JON HUNTSMAN: Well, I would have to say that I agree with the Ryan plan. I think I'm the only one standing up here who has embraced the Ryan plan. It's a very aggressive approach to taking about 6.2 -- $6.2 trillion out of the budget over 10 years. And it looks at everything. And what I like about it is it says there will be no sacred cows.
JON HUNTSMAN: Medicare won't be a sacred cow. Department of Defense won't be a sacred cow. As president of the United States I'm gonna stand up and I'm gonna say, "We are where we are. 24 percent spending -- as a percentage of GDP. We've gotta move to 19 percent --
DAVID GREGORY: Three programs that will make Americans feel pain, sir?
JON HUNTSMAN: Well, let me just say on-- on-- on entitlements. Across the board, I will tell the upper income category in this country that there will be means testing. There are a lot of people in this nation--
DAVID GREGORY: Social Security --
JON HUNTSMAN: -- who don't need some of the benefits?
DAVID GREGORY: -- and Medicare?
JON HUNTSMAN: Absolutely. Absolutely. And also I'm not gonna tie Department of Defense spending some percentage of GDP. I'm gonna tie it to a strategy that protects the American people. And if we think that we can't find efficiencies and cuts in the Department of Defense budget, then we are crazy.
DAVID GREGORY: Senator Santorum, same question. Three programs that would make -- would have to be cut to make Americans feel pain, to sacrifice, if we're gonna balance the budget.
RICK SANTORUM: I’ve gotta agree with go -- Governor Huntsman, the means test. And I talked about that in Hollis yesterday. We had about 1,200 people there. And I walked through and talked about how we have to make sure that -- we're not gonna burden future generations with a Social Security program that's underfunded. It's underfunded right now.
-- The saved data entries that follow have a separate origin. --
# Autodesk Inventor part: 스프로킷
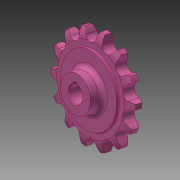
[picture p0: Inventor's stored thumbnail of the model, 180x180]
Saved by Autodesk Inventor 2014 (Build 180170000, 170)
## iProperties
Created: 2016-03
Part Number: 스프로킷
Material: 강철, 탄소
Document SubType Name: Modeling
Designer: mduedu
Density: 7.87 g/cm^3
Mass: 230.696 g
Surface Area: 96.4947 cm^2
Volume: 29.3133 cm^3
Appearance: 분홍색
Author: mduedu
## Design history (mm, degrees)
sketch "스케치1"
  geometry: L1 (0, 5)-(25, 5); L2 (25, 5)-(25, 4.1); L3 (25.5, 3.6)-(29.125, 3.6); L4 (35.5, 2)-(35.5, 0); L5 (35.5, 0)-(0, 0); L6 (0, 0)-(0, 5); L7 (0, -5)-(25, -5); L8 (25, -5)-(25, -4.1); L9 (25.5, -3.6)-(29.125, -3.6); L10 (35.5, -2)-(35.5, 0); L11 (0, 0)-(0, -5); A1 r 13.5 centre (29.125, -9.9) between (35.5, 2) and (29.125, 3.6); A2 r 13.5 centre (29.125, 9.9) between (29.125, -3.6) and (35.5, -2); A3 r 0.5 centre (25.5, 4.1) between (25, 4.1) and (25.5, 3.6); A4 r 0.5 centre (25.5, -4.1) between (25.5, -3.6) and (25, -4.1); 2 further points
  constraints: 22 end point, 8 point on circle, 6 symmetric about line, 5 tangent, 4 centre point, 4 parallel, 4 point on line, 1 equal radius, 1 horizontal, 1 perpendicular, 1 other
  dimensions: "d0" = 71 diameter of L4 L6; "d2" = 50 diameter of L2 L6; "d3" = 1.6 vertical distance of L4.start L3.end; "d4" = 3.6 distance from line of L4.end L3; "d5" = 5 distance between parallel lines of L5 L1; "d6" = 13.5 radius of A1; "d15" = 0.5 radius of A3
revolve "회전1" sketch "스케치1" stored, may be unused: angle "d7" = 90 deg
sketch "스케치2" dims "d8" = 57.16, "d11" = 71
  geometry: L1 (0, 0)-(0, 28.58); A1 r 32.55 centre (0, 0) between (-16.114, 28.281) and (0, 32.55); A2 r 3.97 centre (0, 32.55) between (-3.838, 31.533) and (0, 28.58); A3 r 12.7 centre (-16.114, 28.281) between (-3.838, 31.533) and (-5.392, 35.088); A4 r 12.7 centre (16.114, 28.281) between (5.392, 35.088) and (3.838, 31.533); A5 r 3.97 centre (0, 32.55) between (0, 28.58) and (3.838, 31.533); A6 r 35.5 centre (0, 0) between (5.392, 35.088) and (-5.392, 35.088); 2 further points
  constraints: 12 point on circle, 6 centre point, 4 coincident, 3 symmetric about line, 2 end point, 1 point on line, 1 tangent, 1 vertical, 1 vertical alignment, 7 other
  dimensions: "d10" = 65.1 diameter of A1; "d12" = 12.7 radius of A3
extrude "돌출1" cut sketch "스케치2" stored distance "d13" = 10; taper "d14" = 0 deg
sketch "스케치3"
  geometry: C1 r 11 at (0, 0); 1 further point
  constraints: 1 centre point, 1 coincident
  dimensions: "d19" = 22 diameter of C1
extrude "돌출2" join sketch "스케치3" distance "d20" = 8; taper "d21" = 0 deg
fillet "모깎기1" dims "d22" = 3
sketch "스케치4"
  geometry: L1 (-1.5, 0)-(1.5, 0); L2 (1.5, 0)-(1.5, 6.4); L3 (1.5, 6.4)-(-1.5, 6.4); L4 (-1.5, 6.4)-(-1.5, 0); C1 r 5 at (0, 0); 2 further points
  constraints: 8 end point, 2 coincident, 2 parallel, 1 centre point, 1 horizontal, 1 midpoint, 1 perpendicular
  dimensions: "d23" = 10 diameter of C1; "d25" = 3 distance of L2.end L3.end; "d26" = 6.4 distance of L1.end L2.end
extrude "돌출3" cut sketch "스케치4" stored distance "d27" = 8; taper "d28" = 0 deg
chamfer "모따기1" distance "d29" = 0.5; stored, may be unused: second distance "d30" = 2, angle "d31" = 45 deg
node "솔리드1"
pattern_circular "원형 패턴1" dims angle "d17" = 360 deg
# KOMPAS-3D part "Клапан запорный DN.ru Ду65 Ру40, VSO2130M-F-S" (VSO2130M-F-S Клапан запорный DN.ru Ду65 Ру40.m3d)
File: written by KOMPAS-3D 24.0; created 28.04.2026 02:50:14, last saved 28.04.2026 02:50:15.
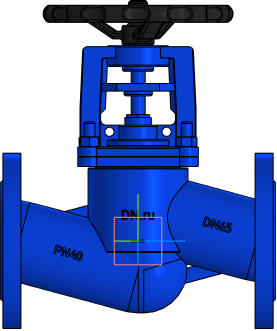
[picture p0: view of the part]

Document properties: Автор: DN.ru; Полное имя файла: C:\Работа\ГОТОВЫЕ ИСХОДНИКИ\VSO2130M-F-S Клапан запорный сильфонный DN.ru Ду15-100 Ру40\DN65\VSO2130M-F-S Клапан запорный DN.ru Ду65 Ру40.m3d

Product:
- Part/product: Клапан запорный DN.ru Ду65 Ру40  | designation VSO2130M-F-S
    Масса: 17
    Раздел спецификации: Прочие изделия
    Примечание: D090-01976

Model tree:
1. Операция без истории:1

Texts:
  VSO2130M-F-S
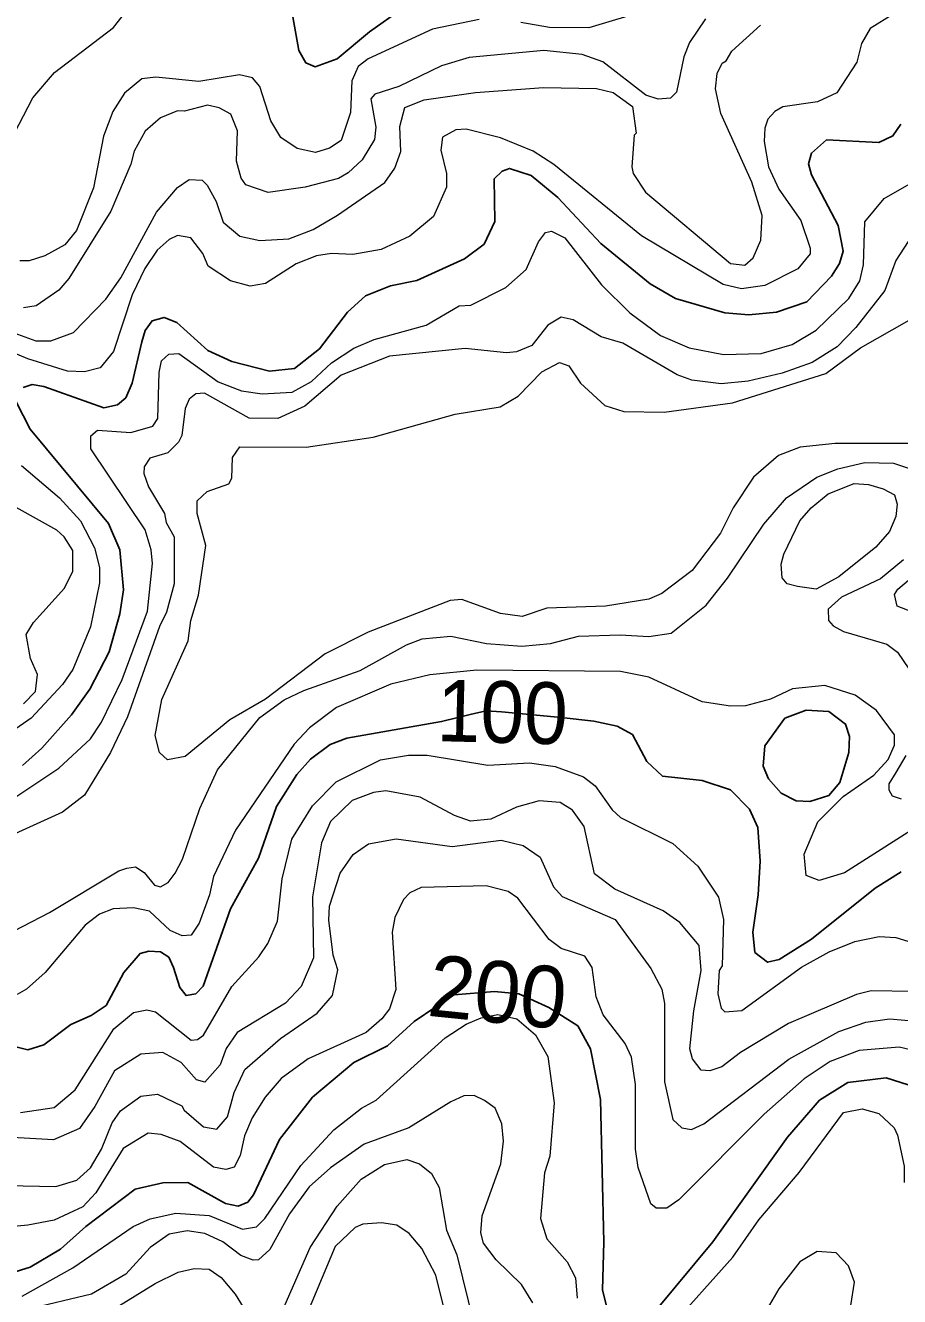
# Model space of a CAD drawing. Extents: x 673.6 to 698.9, y 7012 to 7040.1.
# Drawn here: x 696.817 to 697.951, y 7014.545 to 7016.194 of the extents above; entities that cross this region are included whole.
import ezdxf
from ezdxf.enums import TextEntityAlignment as Align

# ---------------------------------------------------------------- set-up
doc = ezdxf.new("R2010")
doc.units = 0
doc.header["$LTSCALE"] = 0.032
doc.layers.add('1', color=7, linetype='Continuous', lineweight=25)
doc.layers.add('2', color=7, linetype='Continuous', lineweight=13)
doc.layers.add('61', color=7, linetype='Continuous')

msp = doc.modelspace()

# ---------------------------------------------------------------- linework, layer by layer
at = {"layer": '1'}
for points in [[(697.3059, 7016.2157), (697.2629, 7016.1858), (697.2209, 7016.1507), (697.1924, 7016.1402), (697.1805, 7016.1453), (697.1715, 7016.1616), (697.1635, 7016.2053)], [(697.9522, 7016.0661), (697.9418, 7016.0508), (697.9237, 7016.0421), (697.8556, 7016.0454), (697.8364, 7016.0283), (697.8324, 7016.0145), (697.8361, 7016), (697.8709, 7015.9345), (697.8773, 7015.9013), (697.8725, 7015.8852), (697.8624, 7015.8686), (697.8301, 7015.8353), (697.7908, 7015.822), (697.7552, 7015.8187), (697.7238, 7015.8213), (697.6597, 7015.8397), (697.6272, 7015.8587), (697.5629, 7015.9113), (697.5073, 7015.971), (697.4729, 7015.9994), (697.4445, 7016.0085), (697.4352, 7016.005), (697.4248, 7015.9952), (697.4255, 7015.9397), (697.4117, 7015.9102), (697.3864, 7015.8912), (697.3244, 7015.8633), (697.2904, 7015.8563), (697.2577, 7015.8431), (697.2343, 7015.8222), (697.1981, 7015.7746), (697.1657, 7015.7489), (697.1332, 7015.7457), (697.0845, 7015.7581), (697.0533, 7015.7723), (697.0132, 7015.8085), (696.9966, 7015.8152), (696.9811, 7015.8108), (696.9721, 7015.7982), (696.9677, 7015.7838), (696.9551, 7015.7299), (696.9471, 7015.711), (696.9362, 7015.7018), (696.9184, 7015.6979), (696.8405, 7015.7258), (696.8254, 7015.7282), (696.8137, 7015.7245)], [(696.8045, 7015.7058), (696.8229, 7015.6703), (696.9244, 7015.548), (696.939, 7015.5138), (696.9439, 7015.462), (696.9392, 7015.4308), (696.9255, 7015.3815), (696.9004, 7015.333), (696.8765, 7015.2997), (696.8382, 7015.2568), (696.813, 7015.2342)], [(696.7763, 7014.8761), (696.8198, 7014.8656), (696.8408, 7014.872), (696.8756, 7014.8981), (696.902, 7014.9099), (696.9214, 7014.9228), (696.9445, 7014.9656), (696.9654, 7014.9902), (696.9766, 7014.9932), (696.9919, 7014.9925), (697.0027, 7014.9858), (697.0088, 7014.9722), (697.017, 7014.9464), (697.025, 7014.9359), (697.0377, 7014.9381), (697.0473, 7014.9478), (697.0827, 7015.0484), (697.1189, 7015.1141), (697.1425, 7015.181), (697.1689, 7015.2226), (697.1864, 7015.2426), (697.2119, 7015.2615), (697.2336, 7015.2698), (697.3565, 7015.2912), (697.3937, 7015.3002), (697.4144, 7015.3049), (697.4344, 7015.3036), (697.5114, 7015.2963), (697.5539, 7015.2916), (697.5844, 7015.2852), (697.604, 7015.2743), (697.6228, 7015.2394), (697.643, 7015.2205), (697.6946, 7015.2147), (697.7314, 7015.2028), (697.7558, 7015.1777), (697.7668, 7015.1538), (697.7698, 7015.1102), (697.7673, 7015.0663), (697.7602, 7015.0179), (697.7627, 7014.9918), (697.7793, 7014.979), (697.7944, 7014.9826), (697.8361, 7015.009), (697.9189, 7015.0749), (697.9527, 7015.0961)], [(697.5727, 7014.5245), (697.5654, 7014.5542), (697.5669, 7014.6161), (697.5627, 7014.8009), (697.5495, 7014.8666), (697.5331, 7014.8966), (697.4956, 7014.9202), (697.4569, 7014.9381), (697.4253, 7014.9409), (697.3727, 7014.9366), (697.3489, 7014.921), (697.3209, 7014.9024), (697.2863, 7014.8706), (697.2428, 7014.8488), (697.1891, 7014.804), (697.1464, 7014.7491), (697.1126, 7014.6776), (697.1051, 7014.6679), (697.0927, 7014.6626), (697.0763, 7014.6663), (697.0273, 7014.6936), (696.9949, 7014.6928), (696.9591, 7014.6847), (696.8949, 7014.6364), (696.862, 7014.6068), (696.8227, 7014.5837), (696.7792, 7014.5704)], [(698.0445, 7014.4841), (698.0566, 7014.549), (698.055, 7014.5816), (698.0436, 7014.6145), (698.0207, 7014.6633), (697.9826, 7014.7939), (697.9619, 7014.8202), (697.9333, 7014.8293), (697.8833, 7014.8232), (697.8468, 7014.8001), (697.8051, 7014.752), (697.7085, 7014.6165), (697.6361, 7014.5296)]]:
    msp.add_lwpolyline(points, dxfattribs=at)
msp.add_lwpolyline([(697.8019, 7015.2957), (697.8295, 7015.3058), (697.8589, 7015.304), (697.8806, 7015.2878), (697.8857, 7015.2718), (697.8849, 7015.2512), (697.8732, 7015.2121), (697.8589, 7015.1953), (697.8342, 7015.1873), (697.8165, 7015.1883), (697.797, 7015.1983), (697.7804, 7015.2167), (697.7738, 7015.2331), (697.7756, 7015.2595)], close=True, dxfattribs=at)
at = {"layer": '2'}
for points in [[(696.7967, 7016.0427), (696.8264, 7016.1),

And-- we have to take those who have-- that have been successful, who are seniors, who have a tremendous amount of wealth and we oughta reduce benefits. It -- it makes no sense for folks who are struggling right now to pay their payroll tax, which is the biggest tax, it's a tax on labor, it makes us uncompetitive, and the idea that someone to the left would (UNINTEL) to raise those taxes to make labor even more uncompetitive for those working people who are trying to get a job, to subsidize high income seniors, doesn't make any sense to me.
Foods stamps is another place. We gotta block grant and send it back to the states, just like I did on welfare reform. Do the same thing with Medicare. Those three programs. We gotta -- and -- and -- and including -- housing programs, block grant them, send it back to the states, require work and put a time limit. You do those three things, we will help -- take these programs, which are now dependency programs which people are continually dependent upon, and you take them into transitional programs to help people move out of poverty.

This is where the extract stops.